» Data for this task

....................

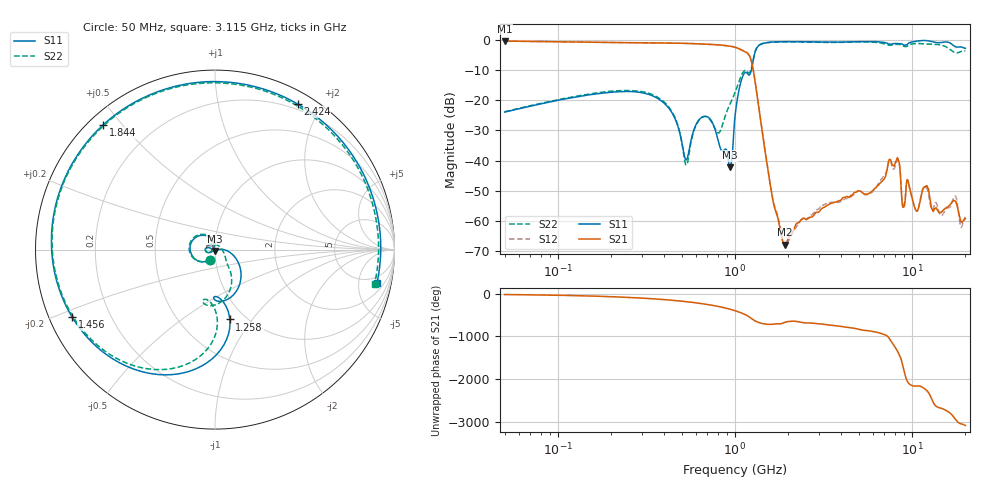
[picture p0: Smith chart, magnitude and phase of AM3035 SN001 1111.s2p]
# Hz S DB R 50
!freq MagS11 AngS11 MagS21 AngS21 MagS12 AngS12 MagS22 AngS22
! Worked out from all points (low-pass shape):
!   1601 points, 50 MHz to 20.05 GHz, reference 50 ohm
!   highest |S21| = -0.39 dB at 50 MHz (marker M1); lowest = -67.9 dB at 1.921 GHz (marker M2)
!   |S21| within 3 dB of the highest: start of sweep to 1.094 GHz
!   lowest |S11| = -42.2 dB at 936 MHz (marker M3), VSWR 1.02, Z = 49.9 - j0.773 ohm
!   |S11| at or under -10 dB: start of sweep to 1.239 GHz
!   |S22| runs from -41.5 to -0.6 dB; largest |S21 - S12| = 0.012
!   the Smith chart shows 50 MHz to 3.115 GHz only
!   S11 on the Smith chart (normalised r, x): 50 MHz: 0.94, -0.11; 1.258 GHz: 0.85, -0.78; 1.456 GHz: 0.07, -0.22; 1.844 GHz: 0.04, +0.45; 2.424 GHz: 0.14, +1.71; 3.115 GHz: 3.37, -8.37
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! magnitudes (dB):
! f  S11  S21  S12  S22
! 50 MHz  -23.9  -0.4  -0.4  -23.8
! 135.9 MHz  -18.6  -0.7  -0.7  -18.4
! 369.6 MHz  -19.6  -1.0  -1.0  -19.2
! 457.6 MHz  -25.9  -1.1  -1.1  -25.7
! 531.6 MHz  -39.8  -1.2  -1.1  -41.5
! 683.3 MHz  -25.3  -1.4  -1.4  -25.4
! 811.8 MHz  -34.3  -1.7  -1.7  -30.8
! 936 MHz  -42.2  -2.1  -2.1  -21.4
! 1.005 GHz  -24.5  -2.4  -2.5  -17.2
! 1.258 GHz  -8.0  -8.8  -8.7  -7.5
! 1.456 GHz  -1.1  -34.1  -33.9  -1.1
! 1.844 GHz  -0.6  -65.8  -64.6  -0.6
! 1.921 GHz  -0.6  -67.9  -68.2  -0.6
! 2.424 GHz  -0.6  -59.1  -59.5  -0.7
! 2.722 GHz  -0.6  -58.7  -58.1  -0.8
! 3.115 GHz  -0.7  -55.8  -54.9  -0.8
! 5.802 GHz  -0.5  -50.7  -51.0  -0.7
! 7.402 GHz  -1.4  -40.0  -40.3  -1.8
! 8.345 GHz  -1.2  -39.5  -39.7  -1.5
! 8.96 GHz  -1.7  -55.5  -54.7  -2.0
! 12.05 GHz  -0.2  -48.5  -48.9  -1.4
! 20.05 GHz  -2.8  -59.3  -58.7  -3.6
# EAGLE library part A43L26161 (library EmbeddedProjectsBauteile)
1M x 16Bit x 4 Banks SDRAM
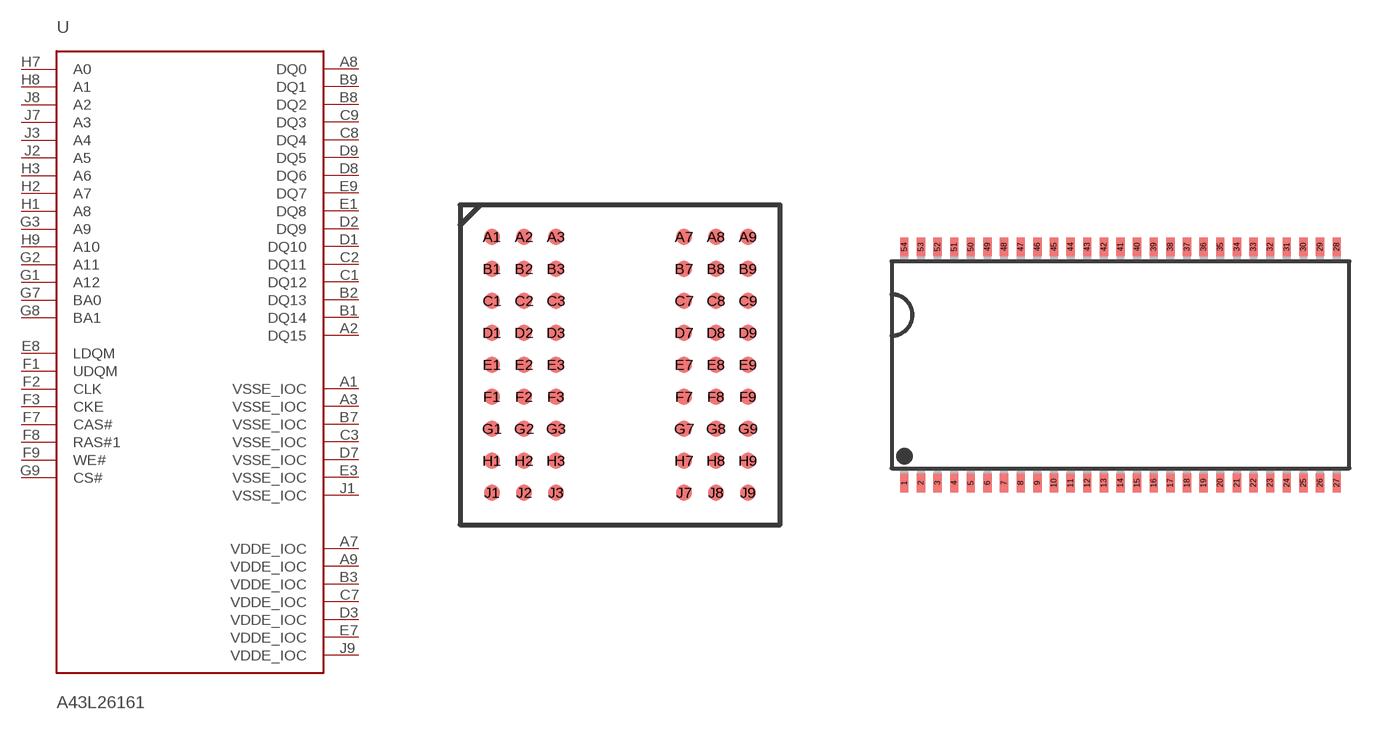
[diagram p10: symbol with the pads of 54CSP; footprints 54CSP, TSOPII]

Designator prefix -

## A43L26161  [54CSP]
A1  VSSE_IOC  pwr
A2  DQ15
A3  VSSE_IOC  pwr
A7  VDDE_IOC  pwr
A8  DQ0
A9  VDDE_IOC  pwr
B1  DQ14
B2  DQ13
B3  VDDE_IOC  pwr
B7  VSSE_IOC  pwr
B8  DQ2
B9  DQ1
C1  DQ12
C2  DQ11
C3  VSSE_IOC  pwr
C7  VDDE_IOC  pwr
C8  DQ4
C9  DQ3
D1  DQ10
D2  DQ9
D3  VDDE_IOC  pwr
D7  VSSE_IOC  pwr
D8  DQ6
D9  DQ5
E1  DQ8
E3  VSSE_IOC  pwr
E7  VDDE_IOC  pwr
E8  LDQM
E9  DQ7
F1  UDQM
F2  CLK
F3  CKE
F7  CAS#
F8  RAS#1
F9  WE#
G1  A12
G2  A11
G3  A9
G7  BA0
G8  BA1
G9  CS#
H1  A8
H2  A7
H3  A6
H7  A0
H8  A1
H9  A10
J1  VSSE_IOC  pwr
J2  A5
J3  A4
J7  A3
J8  A2
J9  VDDE_IOC  pwr

## A43L26161TSOPII (EP: 400486)  [TSOPII]
1  VDDE_IOC  pwr
2  DQ0
3  VDDE_IOC  pwr
4  DQ1
5  DQ2
6  VSSE_IOC  pwr
7  DQ3
8  DQ4
9  VDDE_IOC  pwr
10  DQ5
11  DQ6
12  VSSE_IOC  pwr
13  DQ7
14  VDDE_IOC  pwr
15  LDQM
16  WE#
17  CAS#
18  RAS#1
19  CS#
20  BA0
21  BA1
22  A10
23  A0
24  A1
25  A2
26  A3
27  VDDE_IOC  pwr
28  VSSE_IOC  pwr
29  A4
30  A5
31  A6
32  A7
33  A8
34  A9
35  A11
36  A12
37  CKE
38  CLK
39  UDQM
41  VSSE_IOC  pwr
42  DQ8
43  VDDE_IOC  pwr
44  DQ9
45  DQ10
46  VSSE_IOC  pwr
47  DQ11
48  DQ12
49  VDDE_IOC  pwr
50  DQ13
51  DQ14
52  VSSE_IOC  pwr
53  DQ15
54  VSSE_IOC  pwr

## Footprint 54CSP (pad centres in mm)
smd 0.4 x 0.4: A1 -3.2,3.2; A2 -2.4,3.2; A3 -1.6,3.2; A7 1.6,3.2; A8 2.4,3.2; A9 3.2,3.2; B1 -3.2,2.4; B2 -2.4,2.4; B3 -1.6,2.4; B7 1.6,2.4; B8 2.4,2.4; B9 3.2,2.4; C1 -3.2,1.6; C2 -2.4,1.6; C3 -1.6,1.6; C7 1.6,1.6; C8 2.4,1.6; C9 3.2,1.6; D1 -3.2,0.8; D2 -2.4,0.8; D3 -1.6,0.8; D7 1.6,0.8; D8 2.4,0.8; D9 3.2,0.8; E1 -3.2,0; E2 -2.4,0; E3 -1.6,0; E7 1.6,0; E8 2.4,0; E9 3.2,0; F1 -3.2,-0.8; F2 -2.4,-0.8; F3 -1.6,-0.8; F7 1.6,-0.8; F8 2.4,-0.8; F9 3.2,-0.8; G1 -3.2,-1.6; G2 -2.4,-1.6; G3 -1.6,-1.6; G7 1.6,-1.6; G8 2.4,-1.6; G9 3.2,-1.6; H1 -3.2,-2.4; H2 -2.4,-2.4; H3 -1.6,-2.4; H7 1.6,-2.4; H8 2.4,-2.4; H9 3.2,-2.4; J1 -3.2,-3.2; J2 -2.4,-3.2; J3 -1.6,-3.2; J7 1.6,-3.2; J8 2.4,-3.2; J9 3.2,-3.2

## Footprint TSOPII (pad centres in mm)
smd 0.4 x 0.9: 1 -10.4,-5.68; 2 -9.6,-5.68; 3 -8.8,-5.68; 4 -8,-5.68; 5 -7.2,-5.68; 6 -6.4,-5.68; 7 -5.6,-5.68; 8 -4.8,-5.68; 9 -4,-5.68; 10 -3.2,-5.68; 11 -2.4,-5.68; 12 -1.6,-5.68; 13 -0.8,-5.68; 14 0,-5.68; 15 0.8,-5.68; 16 1.6,-5.68; 17 2.4,-5.68; 18 3.2,-5.68; 19 4,-5.68; 20 4.8,-5.68; 21 5.6,-5.68; 22 6.4,-5.68; 23 7.2,-5.68; 24 8,-5.68; 25 8.8,-5.68; 26 9.6,-5.68; 27 10.4,-5.68; 28 10.4,5.68; 29 9.6,5.68; 30 8.8,5.68; 31 8,5.68; 32 7.2,5.68; 33 6.4,5.68; 34 5.6,5.68; 35 4.8,5.68; 36 4,5.68; 37 3.2,5.68; 38 2.4,5.68; 39 1.6,5.68; 40 0.8,5.68; 41 0,5.68; 42 -0.8,5.68; 43 -1.6,5.68; 44 -2.4,5.68; 45 -3.2,5.68; 46 -4,5.68; 47 -4.8,5.68; 48 -5.6,5.68; 49 -6.4,5.68; 50 -7.2,5.68; 51 -8,5.68; 52 -8.8,5.68; 53 -9.6,5.68; 54 -10.4,5.68

....................

» Instructions to follow
For the records above, state how many lines contain "from". Add nothing to the number.

» Exercise result
2